■ **Task**: All of the entries need to be printed again exactly; pictures are the only thing to omit.

Collected data entries:
———

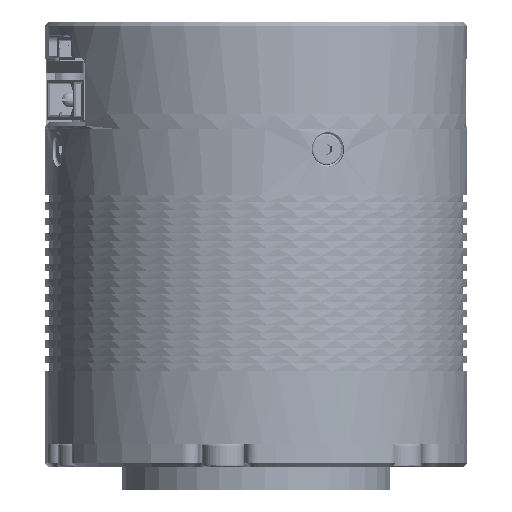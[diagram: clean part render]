
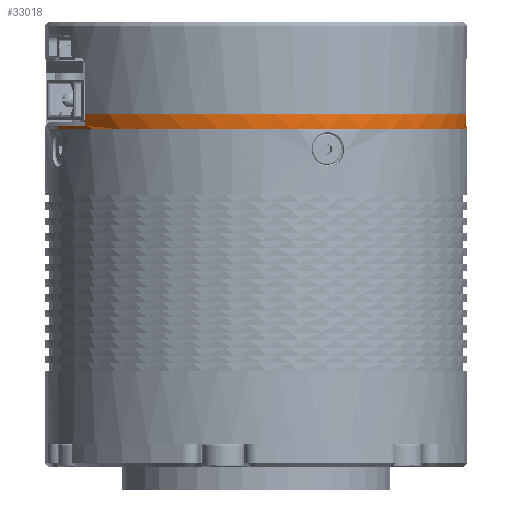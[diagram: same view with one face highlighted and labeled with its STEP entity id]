
A CAD part, front view. The second image highlights one B-rep face of the part: STEP entity #33018.
In plain terms, the highlighted cylindrical face has radius 27.5 mm (diameter 55 mm), a partial arc.
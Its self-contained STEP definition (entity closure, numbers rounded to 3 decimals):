
#5354 = DIRECTION ( 'NONE',  ( 0., 0., -1. ) ) ;
#7240 = ORIENTED_EDGE ( 'NONE', *, *, #62952, .F. ) ;
#10234 = EDGE_CURVE ( 'NONE', #118977, #92829, #56727, .T. ) ;
#15126 = CARTESIAN_POINT ( 'NONE',  ( -26.458, -7.5, 8. ) ) ;
#17291 = VERTEX_POINT ( 'NONE', #85579 ) ;
#17987 = VERTEX_POINT ( 'NONE', #84593 ) ;
#19755 = CARTESIAN_POINT ( 'NONE',  ( 27.5, 0., 8. ) ) ;
#22341 = CARTESIAN_POINT ( 'NONE',  ( 0., 0., 7. ) ) ;
#33018 = ADVANCED_FACE ( 'NONE', ( #61884 ), #87239, .T. ) ;
#33735 = DIRECTION ( 'NONE',  ( 0., 0., -1. ) ) ;
#34228 = DIRECTION ( 'NONE',  ( -1., 0., 0. ) ) ;
#34725 = ORIENTED_EDGE ( 'NONE', *, *, #10234, .T. ) ;
#35109 = CARTESIAN_POINT ( 'NONE',  ( 0., 0., 8. ) ) ;
#38343 = ORIENTED_EDGE ( 'NONE', *, *, #121757, .F. ) ;
#40103 = ORIENTED_EDGE ( 'NONE', *, *, #135252, .F. ) ;
#45517 = CARTESIAN_POINT ( 'NONE',  ( -27.5, 0., 5. ) ) ;
#51328 = VERTEX_POINT ( 'NONE', #45517 ) ;
#52073 = VERTEX_POINT ( 'NONE', #64482 ) ;
#53203 = DIRECTION ( 'NONE',  ( 1., 0., 0. ) ) ;
#54000 = CARTESIAN_POINT ( 'NONE',  ( 26.458, -7.5, 8. ) ) ;
#56727 = LINE ( 'NONE', #54000, #116311 ) ;
#56964 = DIRECTION ( 'NONE',  ( 0., 0., -1. ) ) ;
#57178 = LINE ( 'NONE', #68169, #76023 ) ;
#61884 = FACE_OUTER_BOUND ( 'NONE', #117463, .T. ) ;
#62952 = EDGE_CURVE ( 'NONE', #17291, #17987, #113749, .T. ) ;
#64482 = CARTESIAN_POINT ( 'NONE',  ( -26.458, -7.5, 5.5 ) ) ;
#65689 = DIRECTION ( 'NONE',  ( 0., 0., 1. ) ) ;
#67002 = AXIS2_PLACEMENT_3D ( 'NONE', #35109, #33735, #86552 ) ;
#68169 = CARTESIAN_POINT ( 'NONE',  ( -27.5, 0., 8. ) ) ;
#68480 = CARTESIAN_POINT ( 'NONE',  ( 0., 0., 5.5 ) ) ;
#69379 = AXIS2_PLACEMENT_3D ( 'NONE', #125433, #5354, #34228 ) ;
#71302 = CIRCLE ( 'NONE', #99830, 27.5 ) ;
#72425 = CARTESIAN_POINT ( 'NONE',  ( -26.458, -7.5, 7. ) ) ;
#75351 = EDGE_CURVE ( 'NONE', #105135, #52073, #118047, .T. ) ;
#75887 = EDGE_CURVE ( 'NONE', #17291, #118977, #71302, .T. ) ;
#76023 = VECTOR ( 'NONE', #108670, 1000. ) ;
#76290 = AXIS2_PLACEMENT_3D ( 'NONE', #68480, #87727, #88390 ) ;
#76492 = AXIS2_PLACEMENT_3D ( 'NONE', #22341, #127267, #53203 ) ;
#84479 = VERTEX_POINT ( 'NONE', #109867 ) ;
#84593 = CARTESIAN_POINT ( 'NONE',  ( 27.5, 0., 5. ) ) ;
#85579 = CARTESIAN_POINT ( 'NONE',  ( 27.5, 0., 5.5 ) ) ;
#86552 = DIRECTION ( 'NONE',  ( -1., 0., 0. ) ) ;
#87239 = CYLINDRICAL_SURFACE ( 'NONE', #67002, 27.5 ) ;
#87727 = DIRECTION ( 'NONE',  ( 0., 0., -1. ) ) ;
#88041 = ORIENTED_EDGE ( 'NONE', *, *, #75351, .T. ) ;
#88390 = DIRECTION ( 'NONE',  ( 1., 0., 0. ) ) ;
#89129 = VECTOR ( 'NONE', #56964, 1000. ) ;
#90825 = ORIENTED_EDGE ( 'NONE', *, *, #97580, .T. ) ;
#92829 = VERTEX_POINT ( 'NONE', #107569 ) ;
#95423 = DIRECTION ( 'NONE',  ( 0., 0., -1. ) ) ;
#97580 = EDGE_CURVE ( 'NONE', #84479, #51328, #57178, .T. ) ;
#99830 = AXIS2_PLACEMENT_3D ( 'NONE', #123081, #95423, #113487 ) ;
#100586 = VECTOR ( 'NONE', #103482, 1000. ) ;
#103482 = DIRECTION ( 'NONE',  ( 0., 0., -1. ) ) ;
#105135 = VERTEX_POINT ( 'NONE', #72425 ) ;
#107569 = CARTESIAN_POINT ( 'NONE',  ( 26.458, -7.5, 7. ) ) ;
#107686 = ORIENTED_EDGE ( 'NONE', *, *, #120751, .T. ) ;
#108670 = DIRECTION ( 'NONE',  ( 0., 0., -1. ) ) ;
#109867 = CARTESIAN_POINT ( 'NONE',  ( -27.5, 0., 5.5 ) ) ;
#113142 = CIRCLE ( 'NONE', #69379, 27.5 ) ;
#113487 = DIRECTION ( 'NONE',  ( -1., 0., 0. ) ) ;
#113749 = LINE ( 'NONE', #19755, #100586 ) ;
#116311 = VECTOR ( 'NONE', #65689, 1000. ) ;
#117463 = EDGE_LOOP ( 'NONE', ( #7240, #134902, #34725, #38343, #88041, #107686, #90825, #40103 ) ) ;
#118047 = LINE ( 'NONE', #15126, #89129 ) ;
#118977 = VERTEX_POINT ( 'NONE', #131170 ) ;
#120751 = EDGE_CURVE ( 'NONE', #52073, #84479, #124413, .T. ) ;
#121757 = EDGE_CURVE ( 'NONE', #105135, #92829, #122474, .T. ) ;
#122474 = CIRCLE ( 'NONE', #76492, 27.5 ) ;
#123081 = CARTESIAN_POINT ( 'NONE',  ( 0., 0., 5.5 ) ) ;
#124413 = CIRCLE ( 'NONE', #76290, 27.5 ) ;
#125433 = CARTESIAN_POINT ( 'NONE',  ( 0., 0., 5. ) ) ;
#127267 = DIRECTION ( 'NONE',  ( 0., 0., 1. ) ) ;
#131170 = CARTESIAN_POINT ( 'NONE',  ( 26.458, -7.5, 5.5 ) ) ;
#134902 = ORIENTED_EDGE ( 'NONE', *, *, #75887, .T. ) ;
#135252 = EDGE_CURVE ( 'NONE', #17987, #51328, #113142, .T. ) ;

———

■ **Answer to this exercise**:
[diagram: clean part render]
[diagram: same view with one face highlighted and labeled with its STEP entity id]
A CAD part, front view. The second image highlights one B-rep face of the part: STEP entity #33018.
In plain terms, the highlighted cylindrical face has radius 27.5 mm (diameter 55 mm), a partial arc.
Its self-contained STEP definition (entity closure, numbers rounded to 3 decimals):
#5354 = DIRECTION ( 'NONE',  ( 0., 0., -1. ) ) ;
#7240 = ORIENTED_EDGE ( 'NONE', *, *, #62952, .F. ) ;
#10234 = EDGE_CURVE ( 'NONE', #118977, #92829, #56727, .T. ) ;
#15126 = CARTESIAN_POINT ( 'NONE',  ( -26.458, -7.5, 8. ) ) ;
#17291 = VERTEX_POINT ( 'NONE', #85579 ) ;
#17987 = VERTEX_POINT ( 'NONE', #84593 ) ;
#19755 = CARTESIAN_POINT ( 'NONE',  ( 27.5, 0., 8. ) ) ;
#22341 = CARTESIAN_POINT ( 'NONE',  ( 0., 0., 7. ) ) ;
#33018 = ADVANCED_FACE ( 'NONE', ( #61884 ), #87239, .T. ) ;
#33735 = DIRECTION ( 'NONE',  ( 0., 0., -1. ) ) ;
#34228 = DIRECTION ( 'NONE',  ( -1., 0., 0. ) ) ;
#34725 = ORIENTED_EDGE ( 'NONE', *, *, #10234, .T. ) ;
#35109 = CARTESIAN_POINT ( 'NONE',  ( 0., 0., 8. ) ) ;
#38343 = ORIENTED_EDGE ( 'NONE', *, *, #121757, .F. ) ;
#40103 = ORIENTED_EDGE ( 'NONE', *, *, #135252, .F. ) ;
#45517 = CARTESIAN_POINT ( 'NONE',  ( -27.5, 0., 5. ) ) ;
#51328 = VERTEX_POINT ( 'NONE', #45517 ) ;
#52073 = VERTEX_POINT ( 'NONE', #64482 ) ;
#53203 = DIRECTION ( 'NONE',  ( 1., 0., 0. ) ) ;
#54000 = CARTESIAN_POINT ( 'NONE',  ( 26.458, -7.5, 8. ) ) ;
#56727 = LINE ( 'NONE', #54000, #116311 ) ;
#56964 = DIRECTION ( 'NONE',  ( 0., 0., -1. ) ) ;
#57178 = LINE ( 'NONE', #68169, #76023 ) ;
#61884 = FACE_OUTER_BOUND ( 'NONE', #117463, .T. ) ;
#62952 = EDGE_CURVE ( 'NONE', #17291, #17987, #113749, .T. ) ;
#64482 = CARTESIAN_POINT ( 'NONE',  ( -26.458, -7.5, 5.5 ) ) ;
#65689 = DIRECTION ( 'NONE',  ( 0., 0., 1. ) ) ;
#67002 = AXIS2_PLACEMENT_3D ( 'NONE', #35109, #33735, #86552 ) ;
#68169 = CARTESIAN_POINT ( 'NONE',  ( -27.5, 0., 8. ) ) ;
#68480 = CARTESIAN_POINT ( 'NONE',  ( 0., 0., 5.5 ) ) ;
#69379 = AXIS2_PLACEMENT_3D ( 'NONE', #125433, #5354, #34228 ) ;
#71302 = CIRCLE ( 'NONE', #99830, 27.5 ) ;
#72425 = CARTESIAN_POINT ( 'NONE',  ( -26.458, -7.5, 7. ) ) ;
#75351 = EDGE_CURVE ( 'NONE', #105135, #52073, #118047, .T. ) ;
#75887 = EDGE_CURVE ( 'NONE', #17291, #118977, #71302, .T. ) ;
#76023 = VECTOR ( 'NONE', #108670, 1000. ) ;
#76290 = AXIS2_PLACEMENT_3D ( 'NONE', #68480, #87727, #88390 ) ;
#76492 = AXIS2_PLACEMENT_3D ( 'NONE', #22341, #127267, #53203 ) ;
#84479 = VERTEX_POINT ( 'NONE', #109867 ) ;
#84593 = CARTESIAN_POINT ( 'NONE',  ( 27.5, 0., 5. ) ) ;
#85579 = CARTESIAN_POINT ( 'NONE',  ( 27.5, 0., 5.5 ) ) ;
#86552 = DIRECTION ( 'NONE',  ( -1., 0., 0. ) ) ;
#87239 = CYLINDRICAL_SURFACE ( 'NONE', #67002, 27.5 ) ;
#87727 = DIRECTION ( 'NONE',  ( 0., 0., -1. ) ) ;
#88041 = ORIENTED_EDGE ( 'NONE', *, *, #75351, .T. ) ;
#88390 = DIRECTION ( 'NONE',  ( 1., 0., 0. ) ) ;
#89129 = VECTOR ( 'NONE', #56964, 1000. ) ;
#90825 = ORIENTED_EDGE ( 'NONE', *, *, #97580, .T. ) ;
#92829 = VERTEX_POINT ( 'NONE', #107569 ) ;
#95423 = DIRECTION ( 'NONE',  ( 0., 0., -1. ) ) ;
#97580 = EDGE_CURVE ( 'NONE', #84479, #51328, #57178, .T. ) ;
#99830 = AXIS2_PLACEMENT_3D ( 'NONE', #123081, #95423, #113487 ) ;
#100586 = VECTOR ( 'NONE', #103482, 1000. ) ;
#103482 = DIRECTION ( 'NONE',  ( 0., 0., -1. ) ) ;
#105135 = VERTEX_POINT ( 'NONE', #72425 ) ;
#107569 = CARTESIAN_POINT ( 'NONE',  ( 26.458, -7.5, 7. ) ) ;
#107686 = ORIENTED_EDGE ( 'NONE', *, *, #120751, .T. ) ;
#108670 = DIRECTION ( 'NONE',  ( 0., 0., -1. ) ) ;
#109867 = CARTESIAN_POINT ( 'NONE',  ( -27.5, 0., 5.5 ) ) ;
#113142 = CIRCLE ( 'NONE', #69379, 27.5 ) ;
#113487 = DIRECTION ( 'NONE',  ( -1., 0., 0. ) ) ;
#113749 = LINE ( 'NONE', #19755, #100586 ) ;
#116311 = VECTOR ( 'NONE', #65689, 1000. ) ;
#117463 = EDGE_LOOP ( 'NONE', ( #7240, #134902, #34725, #38343, #88041, #107686, #90825, #40103 ) ) ;
#118047 = LINE ( 'NONE', #15126, #89129 ) ;
#118977 = VERTEX_POINT ( 'NONE', #131170 ) ;
#120751 = EDGE_CURVE ( 'NONE', #52073, #84479, #124413, .T. ) ;
#121757 = EDGE_CURVE ( 'NONE', #105135, #92829, #122474, .T. ) ;
#122474 = CIRCLE ( 'NONE', #76492, 27.5 ) ;
#123081 = CARTESIAN_POINT ( 'NONE',  ( 0., 0., 5.5 ) ) ;
#124413 = CIRCLE ( 'NONE', #76290, 27.5 ) ;
#125433 = CARTESIAN_POINT ( 'NONE',  ( 0., 0., 5. ) ) ;
#127267 = DIRECTION ( 'NONE',  ( 0., 0., 1. ) ) ;
#131170 = CARTESIAN_POINT ( 'NONE',  ( 26.458, -7.5, 5.5 ) ) ;
#134902 = ORIENTED_EDGE ( 'NONE', *, *, #75887, .T. ) ;
#135252 = EDGE_CURVE ( 'NONE', #17987, #51328, #113142, .T. ) ;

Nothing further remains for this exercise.